*** Block opens ***

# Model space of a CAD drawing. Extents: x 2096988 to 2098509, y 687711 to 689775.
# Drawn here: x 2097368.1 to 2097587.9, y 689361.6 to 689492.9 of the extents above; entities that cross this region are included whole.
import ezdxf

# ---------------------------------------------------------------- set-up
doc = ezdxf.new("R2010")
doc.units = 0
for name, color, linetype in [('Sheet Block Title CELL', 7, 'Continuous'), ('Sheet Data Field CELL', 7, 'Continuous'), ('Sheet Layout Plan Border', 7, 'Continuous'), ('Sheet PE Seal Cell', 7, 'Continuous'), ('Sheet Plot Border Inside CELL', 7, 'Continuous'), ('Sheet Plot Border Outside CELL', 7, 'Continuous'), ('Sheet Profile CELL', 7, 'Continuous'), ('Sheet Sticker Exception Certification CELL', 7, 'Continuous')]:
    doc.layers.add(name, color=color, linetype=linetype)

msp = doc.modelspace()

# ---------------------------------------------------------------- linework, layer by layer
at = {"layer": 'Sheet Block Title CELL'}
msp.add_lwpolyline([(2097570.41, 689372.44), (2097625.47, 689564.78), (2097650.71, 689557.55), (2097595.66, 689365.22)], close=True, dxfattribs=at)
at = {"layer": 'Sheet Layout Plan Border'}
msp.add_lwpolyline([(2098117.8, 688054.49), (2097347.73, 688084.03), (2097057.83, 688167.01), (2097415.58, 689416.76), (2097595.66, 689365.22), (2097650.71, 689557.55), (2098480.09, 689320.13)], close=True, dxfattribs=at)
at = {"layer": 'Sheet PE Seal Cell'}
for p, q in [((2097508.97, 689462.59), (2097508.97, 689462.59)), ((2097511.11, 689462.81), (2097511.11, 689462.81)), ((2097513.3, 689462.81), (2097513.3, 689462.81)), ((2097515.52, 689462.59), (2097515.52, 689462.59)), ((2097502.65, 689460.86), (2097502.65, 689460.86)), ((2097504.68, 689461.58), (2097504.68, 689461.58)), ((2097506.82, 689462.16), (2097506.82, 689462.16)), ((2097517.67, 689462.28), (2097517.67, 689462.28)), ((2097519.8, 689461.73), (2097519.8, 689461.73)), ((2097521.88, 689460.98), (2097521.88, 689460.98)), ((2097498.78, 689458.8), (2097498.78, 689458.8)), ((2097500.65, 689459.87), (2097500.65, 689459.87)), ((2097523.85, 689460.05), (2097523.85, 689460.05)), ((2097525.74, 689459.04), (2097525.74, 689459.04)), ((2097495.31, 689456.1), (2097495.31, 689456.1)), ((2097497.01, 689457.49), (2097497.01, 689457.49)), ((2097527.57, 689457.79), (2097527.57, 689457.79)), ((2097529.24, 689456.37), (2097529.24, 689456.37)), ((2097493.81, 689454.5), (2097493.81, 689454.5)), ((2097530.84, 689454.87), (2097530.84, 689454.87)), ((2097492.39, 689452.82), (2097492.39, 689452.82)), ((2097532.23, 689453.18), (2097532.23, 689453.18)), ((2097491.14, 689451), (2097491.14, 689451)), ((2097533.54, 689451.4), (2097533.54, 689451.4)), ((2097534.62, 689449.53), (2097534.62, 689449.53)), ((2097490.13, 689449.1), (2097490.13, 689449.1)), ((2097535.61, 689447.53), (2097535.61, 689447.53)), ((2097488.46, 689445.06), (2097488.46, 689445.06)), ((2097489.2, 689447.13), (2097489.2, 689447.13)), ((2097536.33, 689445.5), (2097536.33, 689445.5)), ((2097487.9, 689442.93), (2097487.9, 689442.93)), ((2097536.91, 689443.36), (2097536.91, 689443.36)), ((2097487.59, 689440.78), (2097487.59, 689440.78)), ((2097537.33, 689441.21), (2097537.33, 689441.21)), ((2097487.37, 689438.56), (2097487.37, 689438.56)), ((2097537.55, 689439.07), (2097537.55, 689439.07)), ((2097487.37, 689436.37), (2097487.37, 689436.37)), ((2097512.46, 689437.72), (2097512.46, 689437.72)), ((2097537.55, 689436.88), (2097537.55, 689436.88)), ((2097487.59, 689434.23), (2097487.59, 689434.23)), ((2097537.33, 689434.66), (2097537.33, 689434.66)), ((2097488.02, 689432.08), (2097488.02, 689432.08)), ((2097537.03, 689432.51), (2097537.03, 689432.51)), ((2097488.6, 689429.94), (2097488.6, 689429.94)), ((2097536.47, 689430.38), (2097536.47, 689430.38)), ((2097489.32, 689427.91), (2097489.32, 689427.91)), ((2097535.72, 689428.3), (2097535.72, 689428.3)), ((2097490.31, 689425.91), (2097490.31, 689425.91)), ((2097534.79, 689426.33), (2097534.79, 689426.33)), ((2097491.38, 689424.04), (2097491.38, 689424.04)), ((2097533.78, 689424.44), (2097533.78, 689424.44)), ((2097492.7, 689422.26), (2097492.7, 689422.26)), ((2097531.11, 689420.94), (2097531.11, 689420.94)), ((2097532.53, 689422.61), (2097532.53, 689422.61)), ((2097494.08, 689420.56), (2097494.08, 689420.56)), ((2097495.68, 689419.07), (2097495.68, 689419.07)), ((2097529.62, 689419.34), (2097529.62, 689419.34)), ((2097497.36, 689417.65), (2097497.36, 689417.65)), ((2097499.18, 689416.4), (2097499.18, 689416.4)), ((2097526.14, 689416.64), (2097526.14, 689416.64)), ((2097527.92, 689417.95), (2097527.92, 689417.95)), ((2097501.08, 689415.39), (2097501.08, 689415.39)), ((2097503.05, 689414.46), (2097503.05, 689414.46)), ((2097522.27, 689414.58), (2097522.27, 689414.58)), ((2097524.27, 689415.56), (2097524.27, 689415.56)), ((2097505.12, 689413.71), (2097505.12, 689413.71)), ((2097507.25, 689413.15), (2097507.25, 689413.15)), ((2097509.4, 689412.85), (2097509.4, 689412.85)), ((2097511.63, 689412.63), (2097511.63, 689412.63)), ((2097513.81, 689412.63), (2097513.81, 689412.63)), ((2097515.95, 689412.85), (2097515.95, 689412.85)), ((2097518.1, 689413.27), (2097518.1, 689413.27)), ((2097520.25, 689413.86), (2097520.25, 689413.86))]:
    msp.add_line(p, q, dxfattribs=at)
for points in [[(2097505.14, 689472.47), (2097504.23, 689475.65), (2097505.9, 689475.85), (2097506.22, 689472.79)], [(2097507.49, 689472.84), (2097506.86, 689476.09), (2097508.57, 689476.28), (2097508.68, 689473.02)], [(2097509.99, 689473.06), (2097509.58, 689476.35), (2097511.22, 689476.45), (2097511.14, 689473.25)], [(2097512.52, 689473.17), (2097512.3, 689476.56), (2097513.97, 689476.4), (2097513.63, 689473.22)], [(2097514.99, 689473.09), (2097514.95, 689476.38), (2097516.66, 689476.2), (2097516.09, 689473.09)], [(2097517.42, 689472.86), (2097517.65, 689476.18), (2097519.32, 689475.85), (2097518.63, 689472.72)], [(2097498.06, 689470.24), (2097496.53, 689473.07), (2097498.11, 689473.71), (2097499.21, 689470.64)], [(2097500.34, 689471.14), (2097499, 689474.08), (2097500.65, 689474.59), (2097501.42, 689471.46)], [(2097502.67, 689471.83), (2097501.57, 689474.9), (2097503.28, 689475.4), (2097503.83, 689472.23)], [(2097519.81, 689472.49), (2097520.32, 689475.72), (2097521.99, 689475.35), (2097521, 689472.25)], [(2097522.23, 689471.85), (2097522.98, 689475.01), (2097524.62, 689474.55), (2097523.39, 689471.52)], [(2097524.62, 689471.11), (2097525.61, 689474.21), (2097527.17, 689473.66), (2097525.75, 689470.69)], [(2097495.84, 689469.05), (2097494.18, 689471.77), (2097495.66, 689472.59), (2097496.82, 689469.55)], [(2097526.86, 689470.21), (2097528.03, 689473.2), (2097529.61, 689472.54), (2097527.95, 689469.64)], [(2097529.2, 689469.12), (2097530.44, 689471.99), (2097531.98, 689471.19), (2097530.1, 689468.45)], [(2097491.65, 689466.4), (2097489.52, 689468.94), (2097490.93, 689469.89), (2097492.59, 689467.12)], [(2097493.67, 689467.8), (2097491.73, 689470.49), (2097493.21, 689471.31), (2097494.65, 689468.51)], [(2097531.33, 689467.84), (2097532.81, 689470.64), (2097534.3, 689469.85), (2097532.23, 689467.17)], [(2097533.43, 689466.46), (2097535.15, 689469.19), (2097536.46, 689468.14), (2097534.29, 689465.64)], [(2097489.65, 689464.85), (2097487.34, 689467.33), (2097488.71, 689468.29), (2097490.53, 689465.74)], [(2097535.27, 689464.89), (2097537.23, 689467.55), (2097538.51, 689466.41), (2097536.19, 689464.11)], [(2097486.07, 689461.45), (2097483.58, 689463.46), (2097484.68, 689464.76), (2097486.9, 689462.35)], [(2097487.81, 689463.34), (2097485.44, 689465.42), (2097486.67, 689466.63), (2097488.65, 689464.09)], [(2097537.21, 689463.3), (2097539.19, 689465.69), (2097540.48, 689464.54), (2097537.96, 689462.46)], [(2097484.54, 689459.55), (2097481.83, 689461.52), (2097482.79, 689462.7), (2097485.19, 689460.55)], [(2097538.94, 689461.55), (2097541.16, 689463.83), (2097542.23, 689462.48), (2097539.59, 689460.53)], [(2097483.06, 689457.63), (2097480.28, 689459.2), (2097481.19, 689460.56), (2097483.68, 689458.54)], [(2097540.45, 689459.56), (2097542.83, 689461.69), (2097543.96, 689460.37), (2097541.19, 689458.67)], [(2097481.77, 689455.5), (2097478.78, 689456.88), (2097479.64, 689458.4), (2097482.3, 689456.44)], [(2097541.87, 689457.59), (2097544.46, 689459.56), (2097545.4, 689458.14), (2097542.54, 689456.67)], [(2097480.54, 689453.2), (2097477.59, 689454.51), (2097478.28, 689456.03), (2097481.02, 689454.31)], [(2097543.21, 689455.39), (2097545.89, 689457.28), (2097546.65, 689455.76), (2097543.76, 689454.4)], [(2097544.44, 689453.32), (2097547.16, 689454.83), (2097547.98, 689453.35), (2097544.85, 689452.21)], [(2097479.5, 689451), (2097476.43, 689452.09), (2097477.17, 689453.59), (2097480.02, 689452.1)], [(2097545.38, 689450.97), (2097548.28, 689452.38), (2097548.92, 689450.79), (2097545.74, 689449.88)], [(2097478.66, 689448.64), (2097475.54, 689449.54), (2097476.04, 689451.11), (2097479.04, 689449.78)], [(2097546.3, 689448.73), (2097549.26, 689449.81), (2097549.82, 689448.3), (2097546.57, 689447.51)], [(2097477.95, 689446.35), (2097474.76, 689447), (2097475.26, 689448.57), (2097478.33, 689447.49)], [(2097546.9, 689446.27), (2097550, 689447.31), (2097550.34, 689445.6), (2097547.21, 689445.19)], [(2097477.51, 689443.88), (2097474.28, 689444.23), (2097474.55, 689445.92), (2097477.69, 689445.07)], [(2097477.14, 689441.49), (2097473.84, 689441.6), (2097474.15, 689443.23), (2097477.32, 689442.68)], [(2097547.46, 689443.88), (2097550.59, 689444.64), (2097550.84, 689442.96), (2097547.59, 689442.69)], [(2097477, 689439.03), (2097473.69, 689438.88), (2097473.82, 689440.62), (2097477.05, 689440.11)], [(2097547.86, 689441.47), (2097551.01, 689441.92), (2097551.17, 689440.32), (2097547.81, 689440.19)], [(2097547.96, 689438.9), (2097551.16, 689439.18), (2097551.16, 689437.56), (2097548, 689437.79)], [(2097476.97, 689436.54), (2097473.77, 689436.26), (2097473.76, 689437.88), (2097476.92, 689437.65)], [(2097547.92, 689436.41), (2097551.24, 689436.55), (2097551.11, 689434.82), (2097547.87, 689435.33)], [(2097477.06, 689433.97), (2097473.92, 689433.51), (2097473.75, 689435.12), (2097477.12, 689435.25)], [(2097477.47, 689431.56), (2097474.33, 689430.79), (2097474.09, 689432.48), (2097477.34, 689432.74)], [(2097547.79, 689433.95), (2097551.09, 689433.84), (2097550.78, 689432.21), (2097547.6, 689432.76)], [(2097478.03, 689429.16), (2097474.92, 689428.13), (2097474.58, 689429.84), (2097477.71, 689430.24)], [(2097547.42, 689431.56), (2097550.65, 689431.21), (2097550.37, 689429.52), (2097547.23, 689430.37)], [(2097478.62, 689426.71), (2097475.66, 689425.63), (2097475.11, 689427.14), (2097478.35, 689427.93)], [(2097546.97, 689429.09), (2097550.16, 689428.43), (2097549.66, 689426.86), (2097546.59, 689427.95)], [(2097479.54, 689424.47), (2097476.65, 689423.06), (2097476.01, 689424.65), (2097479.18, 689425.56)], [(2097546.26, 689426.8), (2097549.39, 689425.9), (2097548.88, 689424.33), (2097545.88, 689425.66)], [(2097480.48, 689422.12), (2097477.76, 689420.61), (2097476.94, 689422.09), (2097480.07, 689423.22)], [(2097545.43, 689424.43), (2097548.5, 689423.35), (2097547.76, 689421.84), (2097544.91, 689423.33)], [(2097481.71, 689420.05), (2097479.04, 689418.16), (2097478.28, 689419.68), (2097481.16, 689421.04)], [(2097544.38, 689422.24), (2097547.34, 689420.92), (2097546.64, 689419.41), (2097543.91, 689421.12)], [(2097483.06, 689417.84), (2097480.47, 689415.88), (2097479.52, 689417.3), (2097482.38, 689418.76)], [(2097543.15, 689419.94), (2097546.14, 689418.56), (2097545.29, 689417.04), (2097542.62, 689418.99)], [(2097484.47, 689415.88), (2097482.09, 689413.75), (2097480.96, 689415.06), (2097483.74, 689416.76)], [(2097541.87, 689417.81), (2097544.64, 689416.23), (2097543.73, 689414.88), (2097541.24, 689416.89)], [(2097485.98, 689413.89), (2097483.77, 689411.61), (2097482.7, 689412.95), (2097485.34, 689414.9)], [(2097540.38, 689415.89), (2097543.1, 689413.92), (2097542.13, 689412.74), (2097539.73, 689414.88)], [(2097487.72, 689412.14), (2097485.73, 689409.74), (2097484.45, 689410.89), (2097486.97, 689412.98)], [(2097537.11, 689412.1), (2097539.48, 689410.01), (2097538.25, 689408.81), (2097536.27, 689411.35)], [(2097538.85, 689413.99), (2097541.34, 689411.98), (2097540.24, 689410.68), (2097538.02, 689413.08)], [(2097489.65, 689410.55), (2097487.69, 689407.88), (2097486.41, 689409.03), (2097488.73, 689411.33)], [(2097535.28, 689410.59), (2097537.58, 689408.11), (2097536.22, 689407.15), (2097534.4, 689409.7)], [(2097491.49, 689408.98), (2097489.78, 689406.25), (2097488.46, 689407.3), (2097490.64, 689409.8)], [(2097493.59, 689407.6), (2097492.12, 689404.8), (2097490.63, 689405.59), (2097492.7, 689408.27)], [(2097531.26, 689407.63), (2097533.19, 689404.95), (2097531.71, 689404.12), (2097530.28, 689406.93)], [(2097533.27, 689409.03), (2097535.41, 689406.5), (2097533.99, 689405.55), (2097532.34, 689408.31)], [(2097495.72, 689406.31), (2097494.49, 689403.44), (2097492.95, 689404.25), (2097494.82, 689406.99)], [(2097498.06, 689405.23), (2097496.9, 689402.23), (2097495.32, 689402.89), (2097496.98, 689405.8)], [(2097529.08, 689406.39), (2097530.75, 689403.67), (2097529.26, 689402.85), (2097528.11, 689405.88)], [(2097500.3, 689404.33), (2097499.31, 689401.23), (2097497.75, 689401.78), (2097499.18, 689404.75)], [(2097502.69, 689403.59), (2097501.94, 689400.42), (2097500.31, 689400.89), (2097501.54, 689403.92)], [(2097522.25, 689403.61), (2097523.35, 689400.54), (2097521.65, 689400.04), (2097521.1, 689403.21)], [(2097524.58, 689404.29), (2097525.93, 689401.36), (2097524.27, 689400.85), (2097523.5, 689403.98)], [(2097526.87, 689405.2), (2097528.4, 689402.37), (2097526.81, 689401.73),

*** Block closes ***

■ Work to complete ■
Return the lines containing "dxfattribs", taking each one from the listing.

■ Answer for the task ■
msp.add_lwpolyline([(2097570.41, 689372.44), (2097625.47, 689564.78), (2097650.71, 689557.55), (2097595.66, 689365.22)], close=True, dxfattribs=at)
msp.add_lwpolyline([(2098117.8, 688054.49), (2097347.73, 688084.03), (2097057.83, 688167.01), (2097415.58, 689416.76), (2097595.66, 689365.22), (2097650.71, 689557.55), (2098480.09, 689320.13)], close=True, dxfattribs=at)
    msp.add_line(p, q, dxfattribs=at)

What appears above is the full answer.